It’s big (and overdue) news this week that Mexico City and Washington have finally come to an agreement that lets Mexican truckers ferry their freight into the U.S. But Damien Cave’s excellent and provocative New York Times article about the decline of illegal Mexican immigration into the U.S., which ran on the front page yesterday, July 6, is arguably a more important story. The piece posits that the chief cause for the stark reduction in illegal border crossings, which have fallen to their lowest level since the 1950s, is not the recession or stricter U.S. enforcement but better living standards in Mexico:
Mexican immigration has always been defined by both the push (from Mexico) and the pull (of the United States). The decision to leave home involves a comparison, a wrenching cost-benefit analysis, and just as a Mexican baby boom and economic crises kicked off emigration waves in the 1980s and 90s, research shows that the easing of demographic and economic pressures is helping keep departures in check.
Besides interviewing Mexicans in the kind of poor rural pockets that traditionally produce undocumented migrants, Cave cites a number of factors such as greater education opportunity, increased legal immigration avenues, border violence, a lower birth rate and a higher per capita gross domestic product. The article will no doubt invite debate. One economist asserts that Mexico has had a 45% increase in per capita GDP and per family income since 2000 and says that has made going to the U.S. to find work less necessary. Others will dispute that figure; others will argue that despite Mexico’s consistent economic growth over the past decade, the new wealth is still distributed far too unevenly (more than 40% of the population still lives in poverty) to conclude that trickle-down is reining in illegal immigration. Many will still insist, as a result, that stricter U.S. immigration laws have played as large if not a larger role.

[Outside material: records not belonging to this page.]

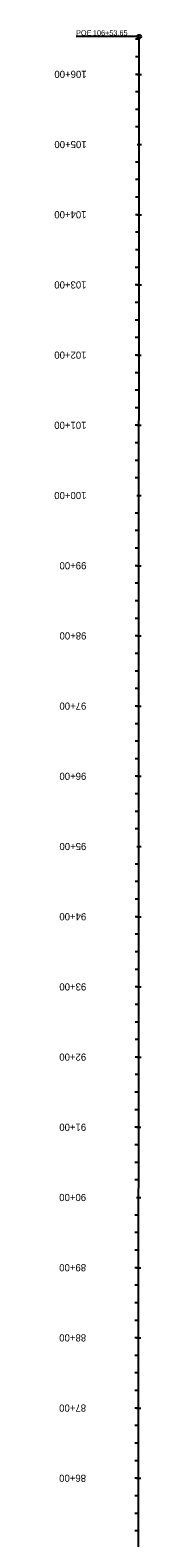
# Model space of a CAD drawing. Extents: x 11526485 to 11527255, y 9590594 to 9599170.
# Drawn here: x 11526517 to 11526641, y 9597022 to 9599170 of the extents above; entities that cross this region are included whole.
import ezdxf

# ---------------------------------------------------------------- set-up
doc = ezdxf.new("R2010")
doc.units = 0
for name, color, linetype in [('Alignment', 7, 'Continuous'), ('TextAlignment', 7, 'Continuous'), ('TextAlignmentLrg', 7, 'Continuous'), ('TextAlignmentSml', 7, 'Continuous')]:
    doc.layers.add(name, color=color, linetype=linetype)

msp = doc.modelspace()

# ---------------------------------------------------------------- linework, layer by layer
at = {"layer": 'Alignment'}
msp.add_line((11526636.9, 9596688.1), (11526637.9, 9599161), dxfattribs=at)
at = {"layer": 'TextAlignment'}
for p in [(11526637.9, 9599161), (11526547.9, 9599161)]:
    msp.add_line(p, (11526547.9, 9599161), dxfattribs=at)
msp.add_circle((11526637.9, 9599161), 2.67, dxfattribs=at)
at = {"layer": 'TextAlignmentLrg'}
for p, q in [((11526637.9, 9599107.3), (11526632.5, 9599107.3)), ((11526634.8, 9599007.3), (11526640.9, 9599007.3)), ((11526637.8, 9598907.3), (11526632.4, 9598907.3)), ((11526637.8, 9598807.3), (11526632.3, 9598807.3)), ((11526637.8, 9598707.3), (11526632.3, 9598707.3)), ((11526637.7, 9598607.3), (11526632.2, 9598607.3)), ((11526634.6, 9598507.3), (11526640.7, 9598507.3)), ((11526637.6, 9598407.3), (11526632.2, 9598407.3)), ((11526637.6, 9598307.3), (11526632.1, 9598307.3)), ((11526637.5, 9598207.3), (11526632.1, 9598207.3)), ((11526637.5, 9598107.3), (11526632, 9598107.3)), ((11526634.4, 9598007.3), (11526640.5, 9598007.3)), ((11526637.4, 9597907.3), (11526631.9, 9597907.3)), ((11526637.4, 9597807.3), (11526631.9, 9597807.3)), ((11526637.3, 9597707.3), (11526631.9, 9597707.3)), ((11526637.3, 9597607.3), (11526631.8, 9597607.3)), ((11526634.2, 9597507.3), (11526640.3, 9597507.3)), ((11526637.2, 9597407.3), (11526631.7, 9597407.3)), ((11526637.2, 9597307.3), (11526631.7, 9597307.3)), ((11526637.1, 9597207.3), (11526631.6, 9597207.3)), ((11526637.1, 9597107.3), (11526631.6, 9597107.3))]:
    msp.add_line(p, q, dxfattribs=at)
at = {"layer": 'TextAlignmentSml'}
for p, q in [((11526637.9, 9599157.3), (11526632.5, 9599157.3)), ((11526637.9, 9599132.3), (11526632.5, 9599132.3)), ((11526634.9, 9599107.3), (11526641, 9599107.3)), ((11526637.9, 9599082.3), (11526632.5, 9599082.3)), ((11526637.9, 9599057.3), (11526632.4, 9599057.3)), ((11526637.9, 9599032.3), (11526632.4, 9599032.3)), ((11526634.8, 9599007.3), (11526640.9, 9599007.3)), ((11526637.9, 9598982.3), (11526632.4, 9598982.3)), ((11526637.9, 9598957.3), (11526632.4, 9598957.3)), ((11526637.8, 9598932.3), (11526632.4, 9598932.3)), ((11526634.8, 9598907.3), (11526640.9, 9598907.3)), ((11526637.8, 9598882.3), (11526632.4, 9598882.3)), ((11526637.8, 9598857.3), (11526632.4, 9598857.3)), ((11526637.8, 9598832.3), (11526632.3, 9598832.3)), ((11526634.7, 9598807.3), (11526640.9, 9598807.3)), ((11526637.8, 9598782.3), (11526632.3, 9598782.3)), ((11526637.8, 9598757.3), (11526632.3, 9598757.3)), ((11526637.8, 9598732.3), (11526632.3, 9598732.3)), ((11526634.7, 9598707.3), (11526640.8, 9598707.3)), ((11526637.7, 9598682.3), (11526632.3, 9598682.3)), ((11526637.7, 9598657.3), (11526632.3, 9598657.3)), ((11526637.7, 9598632.3), (11526632.3, 9598632.3)), ((11526634.6, 9598607.3), (11526640.8, 9598607.3)), ((11526637.7, 9598582.3), (11526632.2, 9598582.3)), ((11526637.7, 9598557.3), (11526632.2, 9598557.3)), ((11526637.7, 9598532.3), (11526632.2, 9598532.3)), ((11526634.6, 9598507.3), (11526640.7, 9598507.3)), ((11526637.7, 9598482.3), (11526632.2, 9598482.3)), ((11526637.6, 9598457.3), (11526632.2, 9598457.3)), ((11526637.6, 9598432.3), (11526632.2, 9598432.3)), ((11526634.6, 9598407.3), (11526640.7, 9598407.3)), ((11526637.6, 9598382.3), (11526632.2, 9598382.3)), ((11526637.6, 9598357.3), (11526632.1, 9598357.3)), ((11526637.6, 9598332.3), (11526632.1, 9598332.3)), ((11526634.5, 9598307.3), (11526640.6, 9598307.3)), ((11526637.6, 9598282.3), (11526632.1, 9598282.3)), ((11526637.6, 9598257.3), (11526632.1, 9598257.3)), ((11526637.5, 9598232.3), (11526632.1, 9598232.3)), ((11526634.5, 9598207.3), (11526640.6, 9598207.3)), ((11526637.5, 9598182.3), (11526632.1, 9598182.3)), ((11526637.5, 9598157.3), (11526632.1, 9598157.3)), ((11526637.5, 9598132.3), (11526632, 9598132.3)), ((11526634.4, 9598107.3), (11526640.6, 9598107.3)), ((11526637.5, 9598082.3), (11526632, 9598082.3)), ((11526637.5, 9598057.3), (11526632, 9598057.3)), ((11526637.5, 9598032.3), (11526632, 9598032.3)), ((11526634.4, 9598007.3), (11526640.5, 9598007.3)), ((11526637.4, 9597982.3), (11526632, 9597982.3)), ((11526637.4, 9597957.3), (11526632, 9597957.3)), ((11526637.4, 9597932.3), (11526632, 9597932.3)), ((11526634.3, 9597907.3), (11526640.5, 9597907.3)), ((11526637.4, 9597882.3), (11526631.9, 9597882.3)), ((11526637.4, 9597857.3), (11526631.9, 9597857.3)), ((11526637.4, 9597832.3), (11526631.9, 9597832.3)), ((11526634.3, 9597807.3), (11526640.4, 9597807.3)), ((11526637.4, 9597782.3), (11526631.9, 9597782.3)), ((11526637.3, 9597757.3), (11526631.9, 9597757.3)), ((11526637.3, 9597732.3), (11526631.9, 9597732.3)), ((11526634.3, 9597707.3), (11526640.4, 9597707.3)), ((11526637.3, 9597682.3), (11526631.9, 9597682.3)), ((11526637.3, 9597657.3), (11526631.8, 9597657.3)), ((11526637.3, 9597632.3), (11526631.8, 9597632.3)), ((11526634.2, 9597607.3), (11526640.3, 9597607.3)), ((11526637.3, 9597582.3), (11526631.8, 9597582.3)), ((11526637.3, 9597557.3), (11526631.8, 9597557.3)), ((11526637.2, 9597532.3), (11526631.8, 9597532.3)), ((11526634.2, 9597507.3), (11526640.3, 9597507.3)), ((11526637.2, 9597482.3), (11526631.8, 9597482.3)), ((11526637.2, 9597457.3), (11526631.8, 9597457.3)), ((11526637.2, 9597432.3), (11526631.7, 9597432.3)), ((11526634.1, 9597407.3), (11526640.3, 9597407.3)), ((11526637.2, 9597382.3), (11526631.7, 9597382.3)), ((11526637.2, 9597357.3), (11526631.7, 9597357.3)), ((11526637.2, 9597332.3), (11526631.7, 9597332.3)), ((11526634.1, 9597307.3), (11526640.2, 9597307.3)), ((11526637.1, 9597282.3), (11526631.7, 9597282.3)), ((11526637.1, 9597257.3), (11526631.7, 9597257.3)), ((11526637.1, 9597232.3), (11526631.7, 9597232.3)), ((11526634, 9597207.3), (11526640.2, 9597207.3)), ((11526637.1, 9597182.3), (11526631.6, 9597182.3)), ((11526637.1, 9597157.3), (11526631.6, 9597157.3)), ((11526637.1, 9597132.3), (11526631.6, 9597132.3)), ((11526634, 9597107.3), (11526640.1, 9597107.3)), ((11526637.1, 9597082.3), (11526631.6, 9597082.3)), ((11526637, 9597057.3), (11526631.6, 9597057.3)), ((11526637, 9597032.3), (11526631.6, 9597032.3))]:
    msp.add_line(p, q, dxfattribs=at)

# ---------------------------------------------------------------- texts
at = {"layer": 'TextAlignment'}
for s, p in [('POE ', (11526547.9, 9599162.6)), ('106+53.65', (11526572, 9599162.6))]:
    msp.add_text(s, height=7.5, rotation=359.9754, dxfattribs=at).set_placement(p)
at = {"layer": 'TextAlignmentLrg'}
for s, p in [('105+00', (11526562.9, 9599012.4)), ('100+00', (11526562.7, 9598512.4)), ('95+00', (11526562.5, 9598012.4)), ('90+00', (11526562.2, 9597512.4))]:
    msp.add_text(s, height=10.2, rotation=179.9754, dxfattribs=at).set_placement(p)
at = {"layer": 'TextAlignmentSml'}
for s, p in [('106+00', (11526562.9, 9599112.4)), ('105+00', (11526562.9, 9599012.4)), ('104+00', (11526562.8, 9598912.4)), ('103+00', (11526562.8, 9598812.4)), ('102+00', (11526562.8, 9598712.4)), ('101+00', (11526562.7, 9598612.4)), ('100+00', (11526562.7, 9598512.4)), ('99+00', (11526562.6, 9598412.4)), ('98+00', (11526562.6, 9598312.4)), ('97+00', (11526562.5, 9598212.4)), ('96+00', (11526562.5, 9598112.4)), ('95+00', (11526562.5, 9598012.4)), ('94+00', (11526562.4, 9597912.4)), ('93+00', (11526562.4, 9597812.4)), ('92+00', (11526562.3, 9597712.4)), ('91+00', (11526562.3, 9597612.4)), ('90+00', (11526562.2, 9597512.4)), ('89+00', (11526562.2, 9597412.4)), ('88+00', (11526562.2, 9597312.4)), ('87+00', (11526562.1, 9597212.4)), ('86+00', (11526562.1, 9597112.4))]:
    msp.add_text(s, height=10.2, rotation=179.9754, dxfattribs=at).set_placement(p)

doc.saveas('drawing.dxf')

(See “Convicts or Illegals: Georgia Hunts for Farmworkers As Tough Immigration Law Takes Hold”)
But I think Cave’s piece makes a stronger point: even if enforcement can’t be discounted (and the piece does note that many would-be migrants are discouraged by tales of the less welcome environment in the U.S.) illegal immigration is better tackled inside Mexico, at its source, than by building multi-billion-dollar walls along the border. (As Mexican President Felipe Calderón has noted, a kilometer of new road in Tabasco fights illegal immigration more effectively than a mile of fence in Arizona.) In 2007, I examined the growing effect that tools like microcredit programs were beginning to have in reducing the flow of Mexican migrants from impoverished regions like southern Oaxaca state. In recent years, U.S. agencies like USAID, and Mexicans like telecom baron Carlos Slim, the world’s richest man, have stepped up microlending, funneling credit to the kind of small businesses that generate enough income, and jobs, to keep more campesinos at home.
In that regard, Cave’s work is a welcome antidote to the U.S.’s narrow-minded immigration discussion, which focuses far too much on U.S. states – which aren’t even authorized to conduct immigration policy – getting tough on illegals. Then again, tougher enforcement might be leading to the kind of poverty-reduction improvements inside Mexico that the Times examines. A few years ago, while I was visiting Mexico City, a Mexican colleague surprisingly told me, “When you go back to the U.S., tell them to build the damn wall.” His point: Mexicans like him were tired of watching their political and business leaders use illegal immigration as a social safety valve against their corruption and negligence. Taking it away would force them to make Mexico a fairer country – the kind for which Cave’s reporting at least holds out hope.